Or I can switch the light off, then come back and see if it was switched to the full so it will not spark and eorigjdoifjgodifjgodifjg it is really frustrating. 





UglierBetty said:


> EDIT: Si will be used for you when you hear a song and think:
> _"Oh this song was played at my Grade 5 graduation, oh I wonder how my teacher is doing now? I remember trying to pull her wig off in 1st grade! I wonder if I would ever be a teacher some day. If I was a teacher, I don't know what grade I would teach... maybe middle school? No. definitely not middle school because that is a horrible age... definitely high school where the students are more mature. Oh I remember someone saying that once we mature we develop more functions... I wonder which cognitive functions I have developing right now.... wow I keep thinking of random things, how did I get here? Oh this reminds me of the time I wanted to show that video to my brother, haha that was a funny video, I wonder what that tumblr user is doing now? *goes online to check*" _ etc.[/B]

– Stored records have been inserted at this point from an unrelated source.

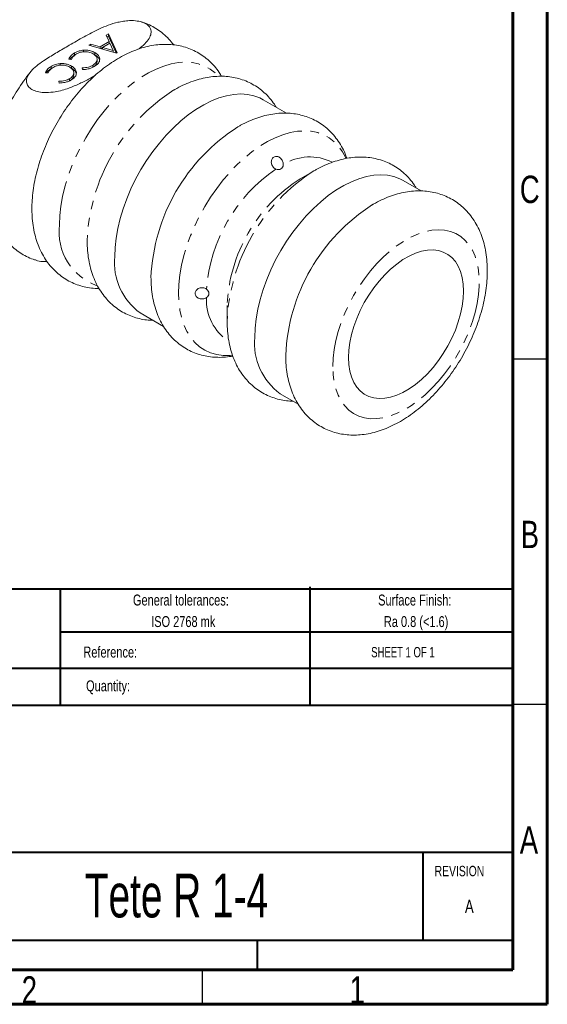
# Model space of a CAD drawing. Header units: millimetres. Extents: x 15 to 415, y 5 to 292.
# Tile 4 of 5: x 339 to 415, y 5 to 148. Entities that reach past the tile are written whole.
import ezdxf

# ---------------------------------------------------------------- set-up
doc = ezdxf.new("R2010")
doc.units = ezdxf.units.MM
doc.linetypes.add('PHANTOM', pattern=[12.7, 6.35, -1.27, 1.27, -1.27, 1.27, -1.27])
doc.styles.add('SLDTEXTSTYLE0', font='TXT', dxfattribs={"width": 0.75})
doc.styles.add('SLDTEXTSTYLE1', font='TXT', dxfattribs={"width": 0.6875})
doc.styles.add('SLDTEXTSTYLE2', font='TXT', dxfattribs={"width": 0.662197})

# ---------------------------------------------------------------- blocks, each defined once
blk = doc.blocks.new('SW_NOTE_2')
at = {"color": 0, "linetype": 'Continuous', "lineweight": 0, "char_height": 1.5875, "attachment_point": 2, "style": 'SLDTEXTSTYLE0'}
for s, insert in [('Surface Finish:', (7.07, 2.05)), ('Ra 0.8 (<1.6)', (7.26, -1.07))]:
    blk.add_mtext(s, dxfattribs=dict(at, insert=insert))
blk = doc.blocks.new('SW_NOTE_3')
at = {"color": 0, "linetype": 'Continuous', "lineweight": 0, "char_height": 1.5875, "attachment_point": 2, "style": 'SLDTEXTSTYLE0'}
for s, insert in [('General tolerances:', (10.1, 2.05)), ('ISO 2768 mk', (10.44, -1.07))]:
    blk.add_mtext(s, dxfattribs=dict(at, insert=insert))
blk = doc.blocks.new('SW_CENTERMARKSYMBOL_0')
at = {"color": 0, "linetype": 'Continuous', "lineweight": 0}
for p, q in [((0, 25), (0, 60)), ((0, 0), (0, 12.5)), ((-25, 0), (-60, 0)), ((0, 0), (-12.5, 0)), ((0, 0), (0, -12.5)), ((0, 0), (12.5, 0)), ((25, 0), (60, 0)), ((0, -25), (0, -60))]:
    blk.add_line(p, q, dxfattribs=at)

msp = doc.modelspace()

# ---------------------------------------------------------------- linework, layer by layer
at = {"color": 7, "linetype": 'Continuous', "lineweight": 60}
for p, q in [((415, 292), (415, 5)), ((410, 287), (410, 10)), ((410, 10), (20, 10)), ((415, 5), (15, 5))]:
    msp.add_line(p, q, dxfattribs=at)
at = {"color": 7, "linetype": 'Continuous', "lineweight": 15}
for p, q in [((351.1060659, 145.4097354), (351.4106846, 145.585588)), ((351.4106846, 145.585588), (352.6633393, 142.8526024)), ((351.4106846, 145.2589722), (351.4106846, 145.585588)), ((348.5899631, 143.9572202), (348.8711959, 144.1195724)), ((348.8711959, 144.1195724), (350.2066015, 143.7384427)), ((348.8711959, 143.8768471), (348.8711959, 144.1195724)), ((350.2066015, 143.7384427), (351.5240175, 144.4989708)), ((351.6367504, 144.2538849), (350.5663872, 143.6359774)), ((351.5240175, 144.4989708), (351.1060659, 145.4097354)), ((351.2245595, 145.1515245), (351.4106846, 145.2589722)), ((351.4106846, 145.2589722), (352.5224615, 142.8333475)), ((351.5240175, 144.1888061), (351.5240175, 144.4989708)), ((352.1248598, 143.1904609), (351.6367504, 144.2538849)), ((346.4996074, 142.512486), (346.4996074, 142.8391018)), ((347.8188221, 143.0138737), (347.8188221, 143.2406552)), ((352.5943803, 142.8127932), (348.5899631, 143.9572202)), ((349.4498517, 142.5692574), (349.4498517, 142.8958732)), ((350.2066015, 143.4951995), (350.2066015, 143.7384427)), ((350.3032007, 143.4675925), (350.5663874, 143.6195269)), ((350.5663872, 143.392376), (350.5663872, 143.6359774)), ((350.5663872, 143.6359774), (352.1248598, 143.1904609)), ((352.1248598, 142.9469782), (352.1248598, 143.1904609)), ((352.6633393, 142.8526024), (352.5943803, 142.8127932)), ((344.4416317, 141.0642632), (344.4416317, 141.2910447)), ((346.0792574, 141.8874898), (345.6762972, 141.9283374)), ((346.4996074, 142.512486), (346.637068, 142.571264)), ((349.7768987, 141.5508143), (349.7768987, 141.959084)), ((342.702067, 139.9378793), (342.2991069, 139.978727)), ((343.1224169, 140.5628755), (343.1224169, 140.8894912)), ((343.1224169, 140.5628755), (343.2598776, 140.6216535)), ((346.0726613, 140.6196469), (346.0726613, 140.9462626)), ((346.3997085, 139.6012038), (346.3997085, 140.0094736)), ((347.6593171, 140.4290898), (347.5897585, 140.6769451)), ((349.1446333, 140.7162274), (349.1446333, 141.0428432)), ((344.2821267, 138.4794793), (344.2125681, 138.7273346)), ((345.767443, 138.7666169), (345.767443, 139.0932327)), ((377.2228944, 134.1107213), (373.8483003, 136.058833)), ((381.2170338, 125.7742905), (379.201928, 124.6106165)), ((396.7390426, 122.8442887), (394.1325709, 124.3489728)), ((368.6124802, 106.2671679), (368.6124809, 103.9401985)), ((356.0213226, 105.1782561), (359.3998166, 103.227893)), ((376.3055932, 93.4683959), (378.9159636, 91.9614612))]:
    msp.add_line(p, q, dxfattribs=at)
at = {"color": 7, "linetype": 'Continuous', "lineweight": 30}
for p, q in [((410, 98.5), (415, 98.5)), ((410, 48.5), (415, 48.5)), ((365, 10), (365, 5))]:
    msp.add_line(p, q, dxfattribs=at)
at = {"color": 7, "linetype": 'Continuous', "lineweight": 40}
for p, q in [((270.6583549, 65.2052449), (409.9083046, 65.2052449)), ((344.4706083, 48.2844781), (344.4706083, 65.2052449)), ((380.6659139, 48.2844781), (380.6659139, 65.5023425)), ((409.8656462, 58.9170608), (344.4706083, 58.9170608)), ((409.9790602, 53.6421854), (310.1693457, 53.6421854)), ((409.8647448, 48.2844781), (310.1693457, 48.2844781)), ((310.1693457, 27.0202272), (409.7666795, 27.0202272)), ((397, 14.25), (397, 27)), ((409.9929988, 14.2269766), (270.6583549, 14.2269766)), ((373, 10), (373, 14.25))]:
    msp.add_line(p, q, dxfattribs=at)
at = {"color": 7, "linetype": 'Continuous', "lineweight": 0}
msp.add_line((270.6583549, 14.2269766), (409.9929988, 14.2269766), dxfattribs=at)
at = {"color": 1, "linetype": 'PHANTOM', "lineweight": 0, "flags": 128}
for points in [[(344.3282096, 117.9592099), (344.3775412, 119.274294), (344.5251513, 120.6360436), (344.7698836, 122.0338009), (345.1098216, 123.4566251), (345.5423076, 124.893383), (346.0639551, 126.3328287), (346.6706814, 127.7636967), (347.3577389, 129.1747894), (348.11975, 130.5550615), (348.9507502, 131.8937115), (349.844237, 133.1802632), (350.7932175, 134.404646), (351.7902637, 135.5572785), (352.8275734, 136.6291399), (353.8970276, 137.6118414), (354.9902566, 138.497692), (356.0987043, 139.2797568), (357.2136958, 139.9519192), (358.3265045, 140.5089148), (359.4284215, 140.9463853), (360.5108224, 141.2609077), (361.5652364, 141.4500211), (362.5834111, 141.5122434), (363.5573774, 141.4470891), (364.4795135, 141.255067), (365.342602, 140.9376814), (366.139888, 140.4974153), (366.8651318, 139.9377139), (367.30041, 139.506216)], [(361.5816148, 107.9990311), (361.6309463, 109.3141152), (361.7785564, 110.6758649), (362.0232887, 112.0736221), (362.3632267, 113.4964463), (362.7957127, 114.9332042), (363.3173603, 116.3726499), (363.9240865, 117.803518), (364.6111441, 119.2146106), (365.3731551, 120.5948827), (366.2041553, 121.9335327), (367.0976422, 123.2200844), (368.0466226, 124.4444672), (369.0436688, 125.5970997), (370.0809785, 126.6689611), (371.1504327, 127.6516627), (372.2436617, 128.5375132), (373.3521094, 129.319578), (374.4671009, 129.9917404), (375.5799096, 130.548736), (376.6818266, 130.9862065), (377.7642275, 131.300729), (378.8186416, 131.4898423), (379.8368162, 131.5520646), (380.8107825, 131.4869103), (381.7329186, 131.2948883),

This line of thought is so familiar!!!! roud:



arkigos said:


> What kind of ideas? Ideas about what?
> 
> 
> Also, being antsy is Pe, but more oriented toward Se, obviously.
> ...


Ideas of how to punch your cyberass? I have a few :tongue: Really, dude :crazy: 
Read the first post - I said all the available tests confirmed that I am ENTP and Ne-Ti-Fe - in that order. And I also know what each function does.
But knowing INTP... I forgive you :wink: 
I like to argue with your type  I'll give you some ideas on a topic that you ask. Just ask. I double dare you 

But answering this... Most of my ideas are about developing the storyline for my sci-fi novels (fights, characters, other stuff). How they appear? Randomly, like word game in associations. 
Also, I see how to improve almost anything that I am interested in: geneography, psychology, terraforming and colonization of planets and moons, floating cities, airplanes and rockets (I am a design-engineer), other stuff. I visualize how to improve a thing or a theory after a few minutes of processing the information. I see where a certain system can be modified and propose ways of modifying or restructuring it. 
I despise doing things the same way, even twice. If someone comes to me with a question how to do a certain task I'll give him at least 5 variants in a time of ten minutes. Though, I can give myself the same advice I wouldn't do that because I am better telling people what to do than following it through myself.
Almost all I remember from my childhood is visualized fights of transformers that I fantasized all the time while running on roofs of hauses.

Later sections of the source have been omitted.